(Collected data entries)
———

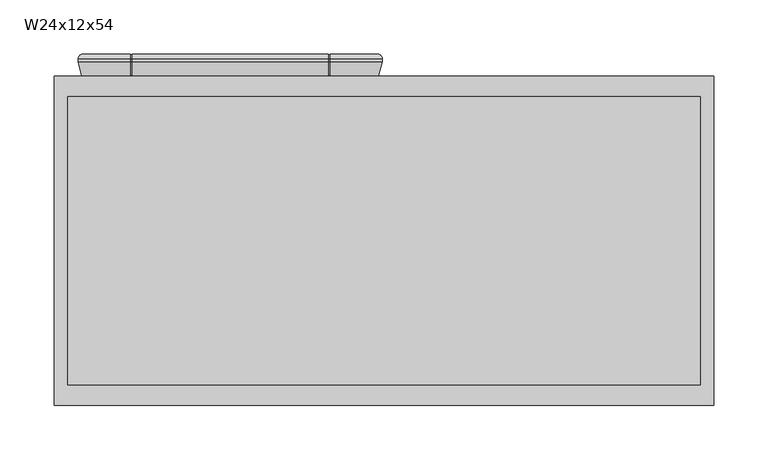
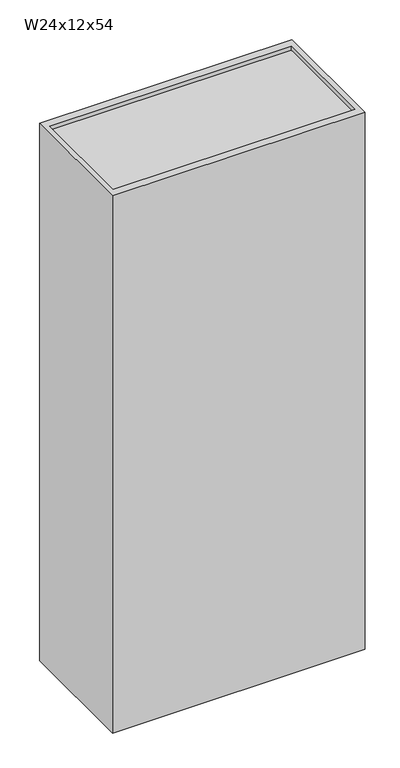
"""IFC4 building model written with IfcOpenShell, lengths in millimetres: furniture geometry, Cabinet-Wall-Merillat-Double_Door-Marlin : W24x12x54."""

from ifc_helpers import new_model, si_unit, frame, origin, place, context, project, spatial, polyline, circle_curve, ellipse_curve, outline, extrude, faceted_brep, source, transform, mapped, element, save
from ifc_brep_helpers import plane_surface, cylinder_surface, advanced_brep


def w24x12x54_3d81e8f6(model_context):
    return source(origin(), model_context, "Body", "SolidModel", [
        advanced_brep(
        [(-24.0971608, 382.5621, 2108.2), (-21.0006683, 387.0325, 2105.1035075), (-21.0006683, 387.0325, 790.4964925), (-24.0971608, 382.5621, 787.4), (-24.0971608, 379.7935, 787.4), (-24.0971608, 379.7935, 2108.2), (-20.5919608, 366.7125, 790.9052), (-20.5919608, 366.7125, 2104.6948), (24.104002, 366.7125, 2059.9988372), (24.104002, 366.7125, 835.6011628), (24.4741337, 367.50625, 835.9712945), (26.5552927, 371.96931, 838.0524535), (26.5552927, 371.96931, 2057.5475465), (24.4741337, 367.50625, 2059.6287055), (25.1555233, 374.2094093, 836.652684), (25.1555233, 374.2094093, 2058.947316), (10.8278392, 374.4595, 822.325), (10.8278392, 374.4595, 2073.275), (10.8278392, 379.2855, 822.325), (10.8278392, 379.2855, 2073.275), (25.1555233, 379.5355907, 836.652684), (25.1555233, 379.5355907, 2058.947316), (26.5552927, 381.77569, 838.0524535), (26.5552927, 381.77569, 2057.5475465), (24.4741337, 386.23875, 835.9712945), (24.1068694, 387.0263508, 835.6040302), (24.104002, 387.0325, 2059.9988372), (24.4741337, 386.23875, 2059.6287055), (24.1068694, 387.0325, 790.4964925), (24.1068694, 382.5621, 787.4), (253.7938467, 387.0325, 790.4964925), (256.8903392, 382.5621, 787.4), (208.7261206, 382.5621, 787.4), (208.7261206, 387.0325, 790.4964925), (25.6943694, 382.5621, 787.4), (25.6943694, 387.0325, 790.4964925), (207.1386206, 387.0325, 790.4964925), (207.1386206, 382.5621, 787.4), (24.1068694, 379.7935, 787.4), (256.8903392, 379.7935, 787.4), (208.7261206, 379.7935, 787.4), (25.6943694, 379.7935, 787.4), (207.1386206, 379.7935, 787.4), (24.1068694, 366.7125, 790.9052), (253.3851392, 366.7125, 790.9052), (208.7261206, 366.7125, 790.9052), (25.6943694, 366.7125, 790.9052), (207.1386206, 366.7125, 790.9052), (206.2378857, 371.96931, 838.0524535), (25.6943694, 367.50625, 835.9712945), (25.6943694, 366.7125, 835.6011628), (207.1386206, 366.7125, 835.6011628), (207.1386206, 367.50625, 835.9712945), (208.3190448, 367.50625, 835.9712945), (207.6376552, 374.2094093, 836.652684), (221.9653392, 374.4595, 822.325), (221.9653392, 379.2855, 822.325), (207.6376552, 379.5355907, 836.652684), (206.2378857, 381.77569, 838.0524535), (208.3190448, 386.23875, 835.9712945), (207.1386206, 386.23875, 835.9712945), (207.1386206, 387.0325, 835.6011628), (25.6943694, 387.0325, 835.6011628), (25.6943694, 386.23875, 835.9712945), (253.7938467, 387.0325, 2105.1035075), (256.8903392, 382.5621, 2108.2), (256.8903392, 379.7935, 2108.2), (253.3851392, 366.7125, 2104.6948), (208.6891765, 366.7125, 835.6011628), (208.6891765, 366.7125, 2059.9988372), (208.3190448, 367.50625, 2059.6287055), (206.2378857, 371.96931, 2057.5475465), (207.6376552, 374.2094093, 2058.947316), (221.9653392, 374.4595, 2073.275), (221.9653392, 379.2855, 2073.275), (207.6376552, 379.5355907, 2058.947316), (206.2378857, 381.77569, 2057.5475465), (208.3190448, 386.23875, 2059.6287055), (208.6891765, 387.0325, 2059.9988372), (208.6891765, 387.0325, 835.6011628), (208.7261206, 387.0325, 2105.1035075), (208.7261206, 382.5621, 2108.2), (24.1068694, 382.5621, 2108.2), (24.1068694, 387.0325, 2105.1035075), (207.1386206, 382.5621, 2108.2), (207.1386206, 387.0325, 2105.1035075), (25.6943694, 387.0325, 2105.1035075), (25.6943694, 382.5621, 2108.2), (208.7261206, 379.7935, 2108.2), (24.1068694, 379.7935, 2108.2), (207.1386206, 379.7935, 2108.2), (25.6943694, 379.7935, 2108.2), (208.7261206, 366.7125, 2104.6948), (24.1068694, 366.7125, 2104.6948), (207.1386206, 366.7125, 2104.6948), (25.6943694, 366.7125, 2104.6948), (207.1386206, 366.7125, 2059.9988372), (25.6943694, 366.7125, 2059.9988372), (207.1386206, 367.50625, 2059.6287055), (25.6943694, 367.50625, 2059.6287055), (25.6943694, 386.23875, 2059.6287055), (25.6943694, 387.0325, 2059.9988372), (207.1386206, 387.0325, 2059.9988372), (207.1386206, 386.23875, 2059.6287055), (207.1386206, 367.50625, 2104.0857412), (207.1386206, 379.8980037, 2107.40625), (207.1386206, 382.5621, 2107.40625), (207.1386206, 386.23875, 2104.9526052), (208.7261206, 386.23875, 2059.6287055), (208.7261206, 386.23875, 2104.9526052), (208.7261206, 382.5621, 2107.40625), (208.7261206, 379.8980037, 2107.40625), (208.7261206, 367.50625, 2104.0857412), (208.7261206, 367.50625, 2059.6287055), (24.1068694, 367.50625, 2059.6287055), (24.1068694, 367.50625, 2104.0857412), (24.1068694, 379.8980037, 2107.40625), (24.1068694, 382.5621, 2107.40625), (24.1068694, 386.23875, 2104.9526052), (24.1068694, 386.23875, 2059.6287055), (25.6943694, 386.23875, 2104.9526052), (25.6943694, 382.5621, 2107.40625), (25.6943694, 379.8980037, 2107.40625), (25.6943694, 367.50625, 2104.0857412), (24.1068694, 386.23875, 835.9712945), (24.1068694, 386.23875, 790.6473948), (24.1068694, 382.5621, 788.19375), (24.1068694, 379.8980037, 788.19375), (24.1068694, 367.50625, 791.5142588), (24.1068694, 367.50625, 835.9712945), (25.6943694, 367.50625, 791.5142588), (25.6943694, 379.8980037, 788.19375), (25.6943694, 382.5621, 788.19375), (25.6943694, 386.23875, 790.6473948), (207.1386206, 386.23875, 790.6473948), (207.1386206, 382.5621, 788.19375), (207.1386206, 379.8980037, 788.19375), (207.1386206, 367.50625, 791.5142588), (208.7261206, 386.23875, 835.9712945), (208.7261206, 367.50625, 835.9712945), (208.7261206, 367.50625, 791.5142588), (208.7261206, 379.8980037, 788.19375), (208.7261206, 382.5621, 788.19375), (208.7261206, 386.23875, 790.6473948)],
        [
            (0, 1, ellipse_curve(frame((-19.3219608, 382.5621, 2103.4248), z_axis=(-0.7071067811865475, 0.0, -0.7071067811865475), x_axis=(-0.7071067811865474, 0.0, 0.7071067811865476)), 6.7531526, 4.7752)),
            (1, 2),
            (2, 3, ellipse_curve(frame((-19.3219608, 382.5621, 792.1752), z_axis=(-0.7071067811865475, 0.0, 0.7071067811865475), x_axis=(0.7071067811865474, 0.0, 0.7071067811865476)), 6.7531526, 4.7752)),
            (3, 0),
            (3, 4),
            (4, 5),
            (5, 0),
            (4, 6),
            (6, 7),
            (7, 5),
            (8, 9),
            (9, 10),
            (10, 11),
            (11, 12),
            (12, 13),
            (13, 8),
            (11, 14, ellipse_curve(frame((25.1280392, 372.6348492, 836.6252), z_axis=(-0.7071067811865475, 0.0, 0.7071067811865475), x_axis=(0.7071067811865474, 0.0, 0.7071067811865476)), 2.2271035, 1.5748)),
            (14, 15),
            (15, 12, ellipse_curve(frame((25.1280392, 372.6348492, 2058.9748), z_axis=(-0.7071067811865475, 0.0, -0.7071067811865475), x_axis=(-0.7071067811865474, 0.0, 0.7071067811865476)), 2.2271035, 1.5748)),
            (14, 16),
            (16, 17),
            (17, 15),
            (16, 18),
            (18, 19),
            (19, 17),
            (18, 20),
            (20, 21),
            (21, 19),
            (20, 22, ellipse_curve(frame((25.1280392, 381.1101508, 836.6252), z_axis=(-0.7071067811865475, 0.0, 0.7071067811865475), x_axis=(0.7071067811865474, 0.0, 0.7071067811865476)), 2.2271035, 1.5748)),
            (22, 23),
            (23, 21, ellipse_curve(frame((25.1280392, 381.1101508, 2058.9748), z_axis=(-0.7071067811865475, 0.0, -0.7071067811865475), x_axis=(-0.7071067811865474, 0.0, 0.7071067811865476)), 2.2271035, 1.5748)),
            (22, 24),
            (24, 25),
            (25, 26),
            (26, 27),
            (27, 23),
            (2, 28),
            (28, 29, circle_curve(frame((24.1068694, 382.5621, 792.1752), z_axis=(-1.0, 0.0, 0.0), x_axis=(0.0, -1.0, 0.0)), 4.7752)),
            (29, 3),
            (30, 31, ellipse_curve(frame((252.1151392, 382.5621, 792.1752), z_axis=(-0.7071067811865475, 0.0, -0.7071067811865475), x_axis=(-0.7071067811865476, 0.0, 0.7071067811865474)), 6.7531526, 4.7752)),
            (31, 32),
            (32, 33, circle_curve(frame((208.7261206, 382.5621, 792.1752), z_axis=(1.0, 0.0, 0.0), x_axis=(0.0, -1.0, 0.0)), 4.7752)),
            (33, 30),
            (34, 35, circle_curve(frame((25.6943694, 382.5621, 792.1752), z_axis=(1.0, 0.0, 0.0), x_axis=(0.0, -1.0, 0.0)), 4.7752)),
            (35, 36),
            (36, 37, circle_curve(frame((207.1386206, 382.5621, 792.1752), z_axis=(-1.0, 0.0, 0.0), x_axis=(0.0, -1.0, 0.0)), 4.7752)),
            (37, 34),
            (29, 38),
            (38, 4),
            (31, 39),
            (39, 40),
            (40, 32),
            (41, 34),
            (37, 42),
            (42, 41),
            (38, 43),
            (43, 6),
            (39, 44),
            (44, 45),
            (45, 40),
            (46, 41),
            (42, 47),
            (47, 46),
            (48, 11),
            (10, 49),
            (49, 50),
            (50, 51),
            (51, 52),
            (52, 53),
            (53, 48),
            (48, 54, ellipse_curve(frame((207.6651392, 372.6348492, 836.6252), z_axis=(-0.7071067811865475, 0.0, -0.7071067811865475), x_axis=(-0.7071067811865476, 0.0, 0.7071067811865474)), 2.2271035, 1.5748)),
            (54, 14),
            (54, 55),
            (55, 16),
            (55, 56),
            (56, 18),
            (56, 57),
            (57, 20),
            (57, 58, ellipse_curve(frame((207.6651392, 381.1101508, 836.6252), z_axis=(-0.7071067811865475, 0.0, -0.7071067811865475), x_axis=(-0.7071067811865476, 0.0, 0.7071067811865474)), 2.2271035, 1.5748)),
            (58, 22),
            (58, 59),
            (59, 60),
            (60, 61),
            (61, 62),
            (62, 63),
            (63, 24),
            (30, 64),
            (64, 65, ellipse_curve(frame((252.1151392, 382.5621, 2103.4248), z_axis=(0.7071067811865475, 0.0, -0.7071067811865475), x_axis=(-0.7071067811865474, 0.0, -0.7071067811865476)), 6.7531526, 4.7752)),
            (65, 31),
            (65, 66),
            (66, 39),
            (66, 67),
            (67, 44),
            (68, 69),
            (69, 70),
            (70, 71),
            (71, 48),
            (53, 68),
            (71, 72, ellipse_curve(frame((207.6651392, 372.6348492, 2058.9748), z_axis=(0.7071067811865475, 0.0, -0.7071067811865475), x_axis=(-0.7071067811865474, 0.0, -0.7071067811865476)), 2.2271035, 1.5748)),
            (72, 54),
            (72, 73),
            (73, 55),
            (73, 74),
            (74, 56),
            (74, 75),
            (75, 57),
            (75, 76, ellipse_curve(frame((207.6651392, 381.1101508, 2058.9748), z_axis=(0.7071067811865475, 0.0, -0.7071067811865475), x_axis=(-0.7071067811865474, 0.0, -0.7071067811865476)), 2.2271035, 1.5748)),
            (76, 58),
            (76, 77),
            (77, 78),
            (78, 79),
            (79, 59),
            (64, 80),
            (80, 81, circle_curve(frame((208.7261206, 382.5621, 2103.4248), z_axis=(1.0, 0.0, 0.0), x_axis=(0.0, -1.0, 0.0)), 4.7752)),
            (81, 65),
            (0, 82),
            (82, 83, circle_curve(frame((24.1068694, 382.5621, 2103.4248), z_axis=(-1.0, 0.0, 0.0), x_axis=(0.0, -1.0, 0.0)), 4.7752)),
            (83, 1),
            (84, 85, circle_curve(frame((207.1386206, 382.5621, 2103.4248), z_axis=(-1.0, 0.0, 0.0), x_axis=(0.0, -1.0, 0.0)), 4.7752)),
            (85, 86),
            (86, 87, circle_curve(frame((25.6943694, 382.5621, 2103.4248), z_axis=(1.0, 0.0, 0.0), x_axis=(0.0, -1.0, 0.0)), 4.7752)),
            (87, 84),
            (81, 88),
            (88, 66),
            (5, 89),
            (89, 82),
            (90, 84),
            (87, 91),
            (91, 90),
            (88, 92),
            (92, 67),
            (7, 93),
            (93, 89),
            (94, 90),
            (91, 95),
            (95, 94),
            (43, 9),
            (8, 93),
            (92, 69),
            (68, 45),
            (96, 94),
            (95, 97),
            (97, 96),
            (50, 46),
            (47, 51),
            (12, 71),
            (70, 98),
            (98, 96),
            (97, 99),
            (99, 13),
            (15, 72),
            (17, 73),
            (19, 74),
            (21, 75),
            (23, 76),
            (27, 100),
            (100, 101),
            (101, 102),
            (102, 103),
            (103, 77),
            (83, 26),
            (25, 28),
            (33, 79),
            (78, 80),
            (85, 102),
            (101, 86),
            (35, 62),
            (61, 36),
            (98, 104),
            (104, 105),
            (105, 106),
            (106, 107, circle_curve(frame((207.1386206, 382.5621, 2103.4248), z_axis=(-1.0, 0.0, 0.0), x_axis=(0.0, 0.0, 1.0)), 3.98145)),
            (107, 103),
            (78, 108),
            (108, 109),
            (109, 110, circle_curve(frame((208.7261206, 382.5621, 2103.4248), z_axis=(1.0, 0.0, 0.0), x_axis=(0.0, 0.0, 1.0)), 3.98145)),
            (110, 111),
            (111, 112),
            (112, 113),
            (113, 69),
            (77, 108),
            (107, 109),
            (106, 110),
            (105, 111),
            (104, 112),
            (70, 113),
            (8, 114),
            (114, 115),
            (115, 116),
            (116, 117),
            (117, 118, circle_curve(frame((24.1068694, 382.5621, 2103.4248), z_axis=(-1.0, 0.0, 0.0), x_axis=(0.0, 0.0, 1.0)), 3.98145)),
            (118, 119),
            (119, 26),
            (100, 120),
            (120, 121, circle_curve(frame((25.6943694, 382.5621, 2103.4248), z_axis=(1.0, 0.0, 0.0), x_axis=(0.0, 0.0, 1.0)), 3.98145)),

———

● EXERCISE OBJECTIVE
Your answer should consist of all lines above that include the string "import".

● RESPONSE TO THE TASK
from ifc_helpers import new_model, si_unit, frame, origin, place, context, project, spatial, polyline, circle_curve, ellipse_curve, outline, extrude, faceted_brep, source, transform, mapped, element, save
from ifc_brep_helpers import plane_surface, cylinder_surface, advanced_brep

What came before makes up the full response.